Dylan copModern Times (Columbia)
Fra “neverending tour”, libri autobiografici e di testi, film-documentari e dischi confezionati con materiali d’archivio, in questo inizio di terzo millennio la presenza di Bob Dylan è stata così costante e piacevolmente “ingombrante” che ci si sorprende rendendosi conto che la sua produzione del periodo conti – cioè, contasse – un unico, vero album. Si era infatti nel settembre 2001 quando Love And Theft ribadiva, quattri anni dopo Time Out Of Mind, il felice momento di colui che è non solo una delle icone della cultura (nemmeno tanto) pop di sempre, ma anche e soprattutto un artista ancora curioso e desideroso di dire e fare, sebbene i mille favolosi traguardi già raggiunti potrebbero ragionevolmente indurlo a tirare i remi in barca e riposarsi un po’. Ma è scontato che Dylan non si sente pronto per la pensione: i tempi non smettono di cambiare, seppure per molti versi in peggio, e lui continua a segnarli con le sue canzoni, le sue citazioni (in Thunder On The Mountain è nominata Alicia Keys!), la sua voce nasale e gracchiante – qui, però, più calda e profonda rispetto alla più recente norma – che ad alcuni non piace ma che possiede il dono dell’inconfondibilità. Vengono chaplinianamente definiti “moderni”, i tempi raccontati nel trentaduesimo album – non contando live, antologie e raccolte di “scarti” – del piccolo, grande Uomo di Duluth, ma a livello di strutture e suoni in questi dieci episodi si respira una rassicurante, avvolgente aria di “classicità”… anche per merito delle performance di una band, la stessa dell’ultimo tour, alla quale si può rimproverare solo di essere un po’ troppo “tra le righe” nel suo elegante manierismo dove decenni del più tipico american sound – per semplificare al massimo: folk + blues + r’n’r – si abbracciano calorosamente e senza forzature.

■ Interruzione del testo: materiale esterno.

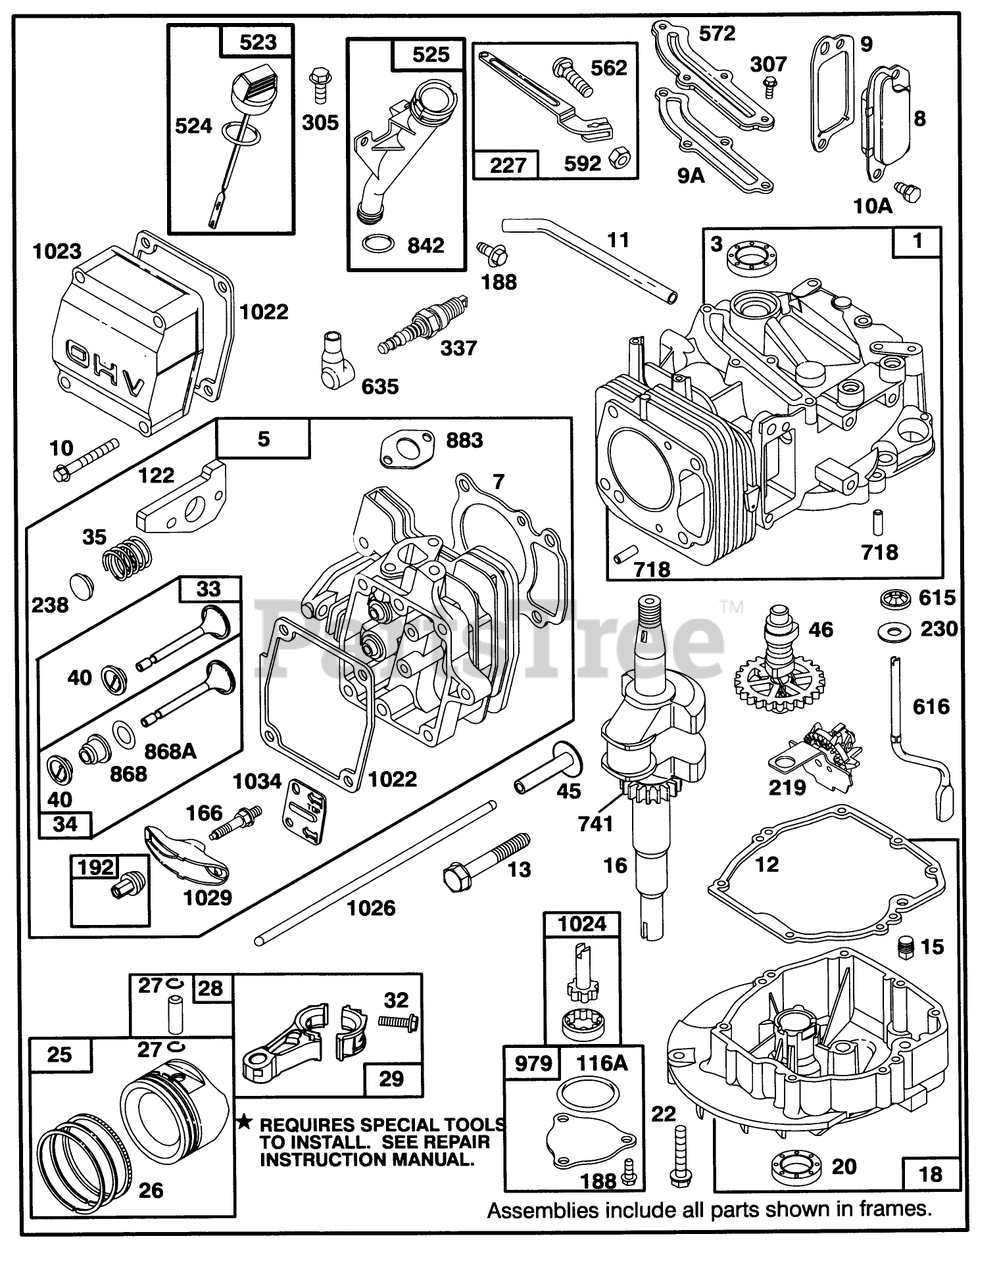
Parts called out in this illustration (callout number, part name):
3	SEAL - OIL
7	CYLINDER HEAD GASKET
9	BREATHER GASKET
9A	GASKET-BREATHER
12	ENGINE BASE GASKET
20	SEAL-OIL
104	FLOAT HINGE PIN
116	SEALING GASKET
116A	O RING SEAL
118	VALVE KIT - NEEDLE
121	CARBURATOR OVERHAUL KIT
122	ADAPTER ASSEMBLY
127	PLUG
134	Valve-Float (Includes Seat)
137	FLOAT BOWL GASKET
163	AIR CLEANER GASKET
358	GASKET SET
524	O-RING
634	SEAL WASHER
842	O-RING
868	SealAssy-Valve
868A	Seal-Valve
883	EXHAUST GASKET
977	CARBURATOR GASKET SET
1022	ROCKER COVER GASKET
1039	FLOAT LIMITER
1041	SEAL - FOAM
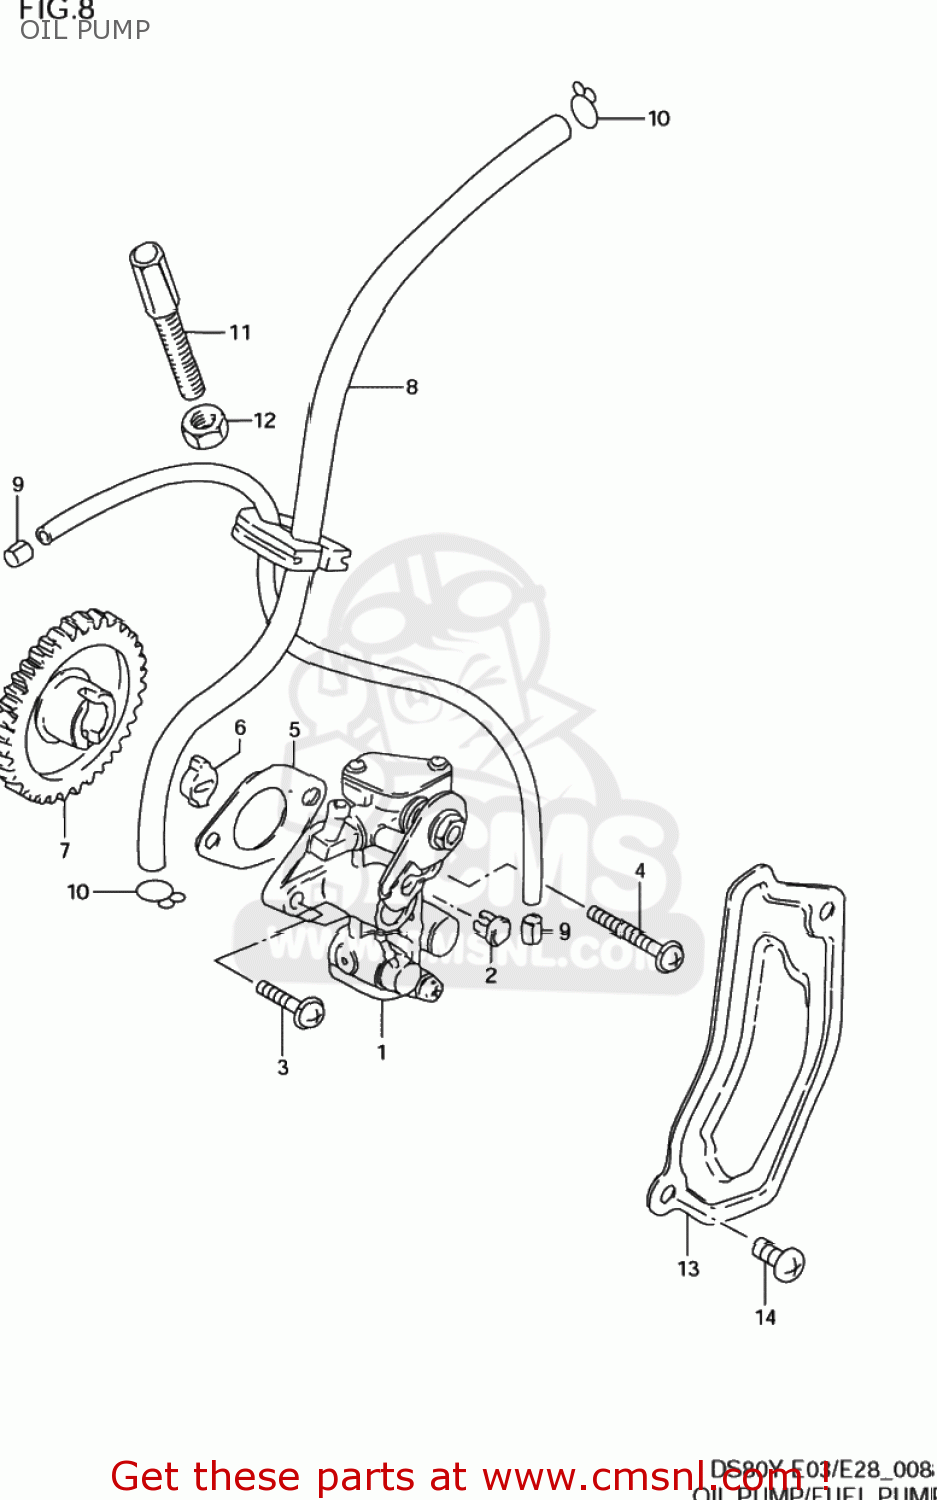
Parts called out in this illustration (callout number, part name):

Come per Love And Theft, in Modern Times si potrebbe insomma vedere una specie di catalogo delle tendenze del songwriting “popolare” a stelle e strisce: un catalogo assai ben presentato nell’estetica, i cui articoli non hanno però la statica freddezza di certi scatti promozionali ma la dinamica autorevolezza – ben rimarcata da un approccio canoro qua e là in odore di crooning – delle foto d’arte. E a dispetto dell’immagine sfocata di copertina, che suggerisce l’idea di un paesaggio difficile da cogliere correttamente, i nuovi brani – disposti in una sequenza che, grossomodo, alterna quelli più vivaci e ritmati a quelli più pacati e d’atmosfera – risultano quantomai definiti… il che non è comunque sinonimo di qualità, come mostrano The Levee Gonna Break (un boogie che evoca la tragedia di New Orleans) e una Someday Baby parecchio scolastiche: un difetto, questo, avvertibile in altri pezzi “mossi” e che invece sfiora appena i lenti, come la rarefatta Nettie Moore che sembra uscita da Oh Mercy, la quasi altrettanto fascinosa Spirit In The Water, il valzerino country Behind The Horizon e la conclusiva, splendida  Ain’t Talkin’ – peraltro più accesa nella cadenza – il cui testo non lesina davvero in cinismo da disillusione (“Ain’t talkin’, just walkin’ / I’ll burn that bridge before you can cross / Heart burnin’ still yearnin’ / There’ll be no mercy for you once you’ve lost”). Proprio le liriche, come al solito notevoli per respiro poetico, ricercatezza dei termini usati e abilità di incastro, costituiscono il valore aggiunto del disco, (ri)qualificando il loro demiurgo come osservatore del mondo che ne ha viste tantissime (e non sempre belle) ma che, nello scrutare nel buio del tunnel, si ostina a sperare almeno per un istante che la luce che scorge in fondo non debba necessariamente essere quella della foresta in fiamme; e questo sia nella sfera pubblica (emblematica Working Man’s Blues #2, che con sonorità meno dolci e più spigolose avrebbe guadagnato in efficacia), sia in quella di un privato non si sa mai fino a che punto autobiografico.
Al di là delle riserve di cui sopra e di qualche lungaggine della quale si poteva magari fare a meno, un album globalmente riuscito, sorretto da una passione sempre vivida e reso ulteriormente prezioso da una bella gamma di sfumature. Nonostante tutto c’è sempre da aver fiducia in Bob Dylan, anche se per andare avanti è costretto a cercare ispirazione alle spalle e se quell’at world’s end cantato in chiusura di solchi lascia nelle orecchie un’eco piuttosto sinistra.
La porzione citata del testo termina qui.